- Opening Delimiter -
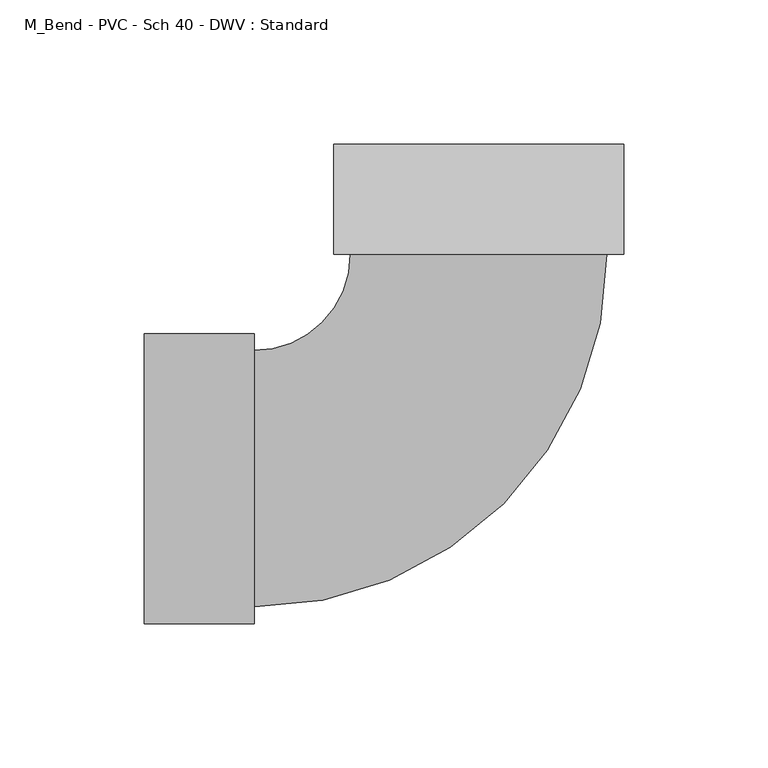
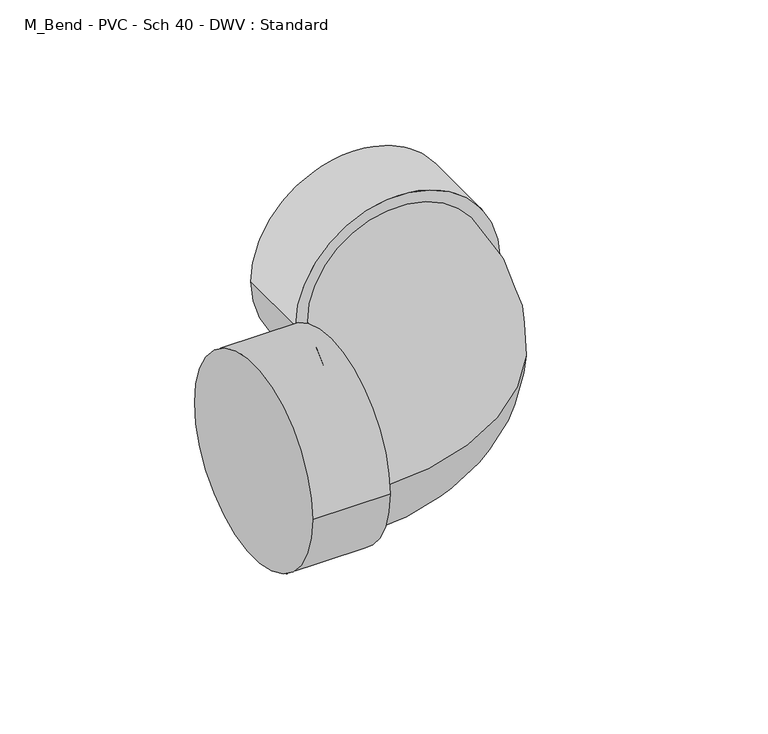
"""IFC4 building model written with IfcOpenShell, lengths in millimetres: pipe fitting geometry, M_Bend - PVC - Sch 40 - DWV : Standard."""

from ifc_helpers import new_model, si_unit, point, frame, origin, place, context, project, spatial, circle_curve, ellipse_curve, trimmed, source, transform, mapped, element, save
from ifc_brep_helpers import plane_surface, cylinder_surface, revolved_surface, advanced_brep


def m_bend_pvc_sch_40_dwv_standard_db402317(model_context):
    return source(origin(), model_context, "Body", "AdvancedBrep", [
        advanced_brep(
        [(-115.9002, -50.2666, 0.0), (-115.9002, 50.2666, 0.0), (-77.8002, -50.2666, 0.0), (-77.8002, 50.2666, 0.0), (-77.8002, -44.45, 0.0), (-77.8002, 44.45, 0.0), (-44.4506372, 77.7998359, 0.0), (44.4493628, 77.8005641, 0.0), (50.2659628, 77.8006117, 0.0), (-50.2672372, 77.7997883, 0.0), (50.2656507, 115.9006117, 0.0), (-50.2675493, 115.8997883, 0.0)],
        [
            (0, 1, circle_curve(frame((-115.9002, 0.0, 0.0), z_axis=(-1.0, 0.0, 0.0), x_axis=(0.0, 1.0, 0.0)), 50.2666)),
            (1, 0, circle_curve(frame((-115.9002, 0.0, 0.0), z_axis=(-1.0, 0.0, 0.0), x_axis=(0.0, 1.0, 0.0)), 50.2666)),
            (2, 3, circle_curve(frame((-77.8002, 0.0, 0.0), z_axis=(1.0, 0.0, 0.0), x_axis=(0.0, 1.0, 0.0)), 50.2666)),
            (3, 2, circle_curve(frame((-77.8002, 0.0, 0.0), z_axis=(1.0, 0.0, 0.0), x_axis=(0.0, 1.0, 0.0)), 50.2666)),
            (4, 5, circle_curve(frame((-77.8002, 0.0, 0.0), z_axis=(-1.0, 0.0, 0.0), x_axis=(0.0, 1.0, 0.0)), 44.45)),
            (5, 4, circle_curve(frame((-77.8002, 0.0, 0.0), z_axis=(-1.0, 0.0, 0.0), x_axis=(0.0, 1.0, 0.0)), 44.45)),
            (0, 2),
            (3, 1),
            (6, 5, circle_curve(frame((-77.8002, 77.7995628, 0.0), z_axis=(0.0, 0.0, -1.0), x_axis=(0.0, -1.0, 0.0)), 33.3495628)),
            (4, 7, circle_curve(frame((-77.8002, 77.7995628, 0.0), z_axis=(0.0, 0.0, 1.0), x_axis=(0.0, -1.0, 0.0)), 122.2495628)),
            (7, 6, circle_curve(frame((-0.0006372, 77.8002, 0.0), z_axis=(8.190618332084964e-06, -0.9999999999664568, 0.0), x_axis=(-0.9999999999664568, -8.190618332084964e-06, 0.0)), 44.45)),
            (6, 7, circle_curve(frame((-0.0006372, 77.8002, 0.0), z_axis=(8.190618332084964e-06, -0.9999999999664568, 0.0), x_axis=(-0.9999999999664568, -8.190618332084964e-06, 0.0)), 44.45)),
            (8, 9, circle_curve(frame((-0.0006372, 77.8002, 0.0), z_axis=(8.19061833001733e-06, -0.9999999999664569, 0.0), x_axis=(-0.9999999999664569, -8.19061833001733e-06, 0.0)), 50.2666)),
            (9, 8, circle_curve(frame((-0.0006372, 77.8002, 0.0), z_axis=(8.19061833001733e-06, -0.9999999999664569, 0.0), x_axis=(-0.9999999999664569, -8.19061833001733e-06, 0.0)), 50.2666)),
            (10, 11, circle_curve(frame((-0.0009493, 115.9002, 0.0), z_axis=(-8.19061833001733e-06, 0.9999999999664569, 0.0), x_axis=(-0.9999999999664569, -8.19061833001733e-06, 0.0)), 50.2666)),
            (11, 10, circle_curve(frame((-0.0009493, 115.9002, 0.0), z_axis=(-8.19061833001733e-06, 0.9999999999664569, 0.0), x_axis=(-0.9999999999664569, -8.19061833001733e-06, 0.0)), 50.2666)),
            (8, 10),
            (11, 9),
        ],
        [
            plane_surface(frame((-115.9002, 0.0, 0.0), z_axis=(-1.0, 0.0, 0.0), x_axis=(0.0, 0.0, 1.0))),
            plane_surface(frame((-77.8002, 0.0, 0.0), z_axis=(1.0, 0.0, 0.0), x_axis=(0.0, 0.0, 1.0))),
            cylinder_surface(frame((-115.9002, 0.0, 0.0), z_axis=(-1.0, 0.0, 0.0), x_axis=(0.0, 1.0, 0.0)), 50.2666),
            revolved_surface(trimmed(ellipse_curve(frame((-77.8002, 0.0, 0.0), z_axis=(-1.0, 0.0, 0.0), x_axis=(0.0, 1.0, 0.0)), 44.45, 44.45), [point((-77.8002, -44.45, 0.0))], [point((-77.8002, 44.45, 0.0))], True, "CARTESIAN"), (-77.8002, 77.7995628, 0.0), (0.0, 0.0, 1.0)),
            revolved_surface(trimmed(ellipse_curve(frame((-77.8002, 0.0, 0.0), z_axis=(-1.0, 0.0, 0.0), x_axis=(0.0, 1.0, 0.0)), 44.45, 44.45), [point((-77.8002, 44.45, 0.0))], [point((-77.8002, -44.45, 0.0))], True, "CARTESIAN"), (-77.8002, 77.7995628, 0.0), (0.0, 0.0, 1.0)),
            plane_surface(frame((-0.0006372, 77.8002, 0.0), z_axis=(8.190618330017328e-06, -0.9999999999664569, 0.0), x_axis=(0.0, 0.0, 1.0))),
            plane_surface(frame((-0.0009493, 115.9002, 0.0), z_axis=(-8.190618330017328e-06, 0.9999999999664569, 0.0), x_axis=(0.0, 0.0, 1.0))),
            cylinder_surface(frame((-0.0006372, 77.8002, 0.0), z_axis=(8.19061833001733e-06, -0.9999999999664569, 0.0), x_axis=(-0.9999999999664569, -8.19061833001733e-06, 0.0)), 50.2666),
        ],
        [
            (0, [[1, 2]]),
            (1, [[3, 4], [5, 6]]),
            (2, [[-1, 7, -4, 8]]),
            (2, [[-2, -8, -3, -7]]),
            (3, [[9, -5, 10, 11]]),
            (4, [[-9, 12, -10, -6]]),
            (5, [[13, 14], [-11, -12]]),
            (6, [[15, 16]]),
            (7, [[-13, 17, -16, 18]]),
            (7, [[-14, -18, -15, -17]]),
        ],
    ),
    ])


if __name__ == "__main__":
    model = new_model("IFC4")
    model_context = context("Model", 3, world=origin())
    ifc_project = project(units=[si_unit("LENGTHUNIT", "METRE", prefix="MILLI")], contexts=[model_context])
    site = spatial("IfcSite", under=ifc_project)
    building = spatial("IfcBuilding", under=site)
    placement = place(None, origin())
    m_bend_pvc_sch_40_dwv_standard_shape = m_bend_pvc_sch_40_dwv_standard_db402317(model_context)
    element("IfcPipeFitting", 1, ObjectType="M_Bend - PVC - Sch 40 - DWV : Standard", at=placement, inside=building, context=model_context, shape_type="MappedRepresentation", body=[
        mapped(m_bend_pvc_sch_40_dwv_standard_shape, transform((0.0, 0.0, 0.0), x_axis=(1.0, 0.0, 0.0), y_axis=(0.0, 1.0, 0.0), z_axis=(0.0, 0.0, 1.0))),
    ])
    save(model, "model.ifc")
- Closing Delimiter -
> _Aim of the task_: Within the records above, each line containing "origin" is to be returned.

> _Result below_:
from ifc_helpers import new_model, si_unit, point, frame, origin, place, context, project, spatial, circle_curve, ellipse_curve, trimmed, source, transform, mapped, element, save
    return source(origin(), model_context, "Body", "AdvancedBrep", [
    model_context = context("Model", 3, world=origin())
    placement = place(None, origin())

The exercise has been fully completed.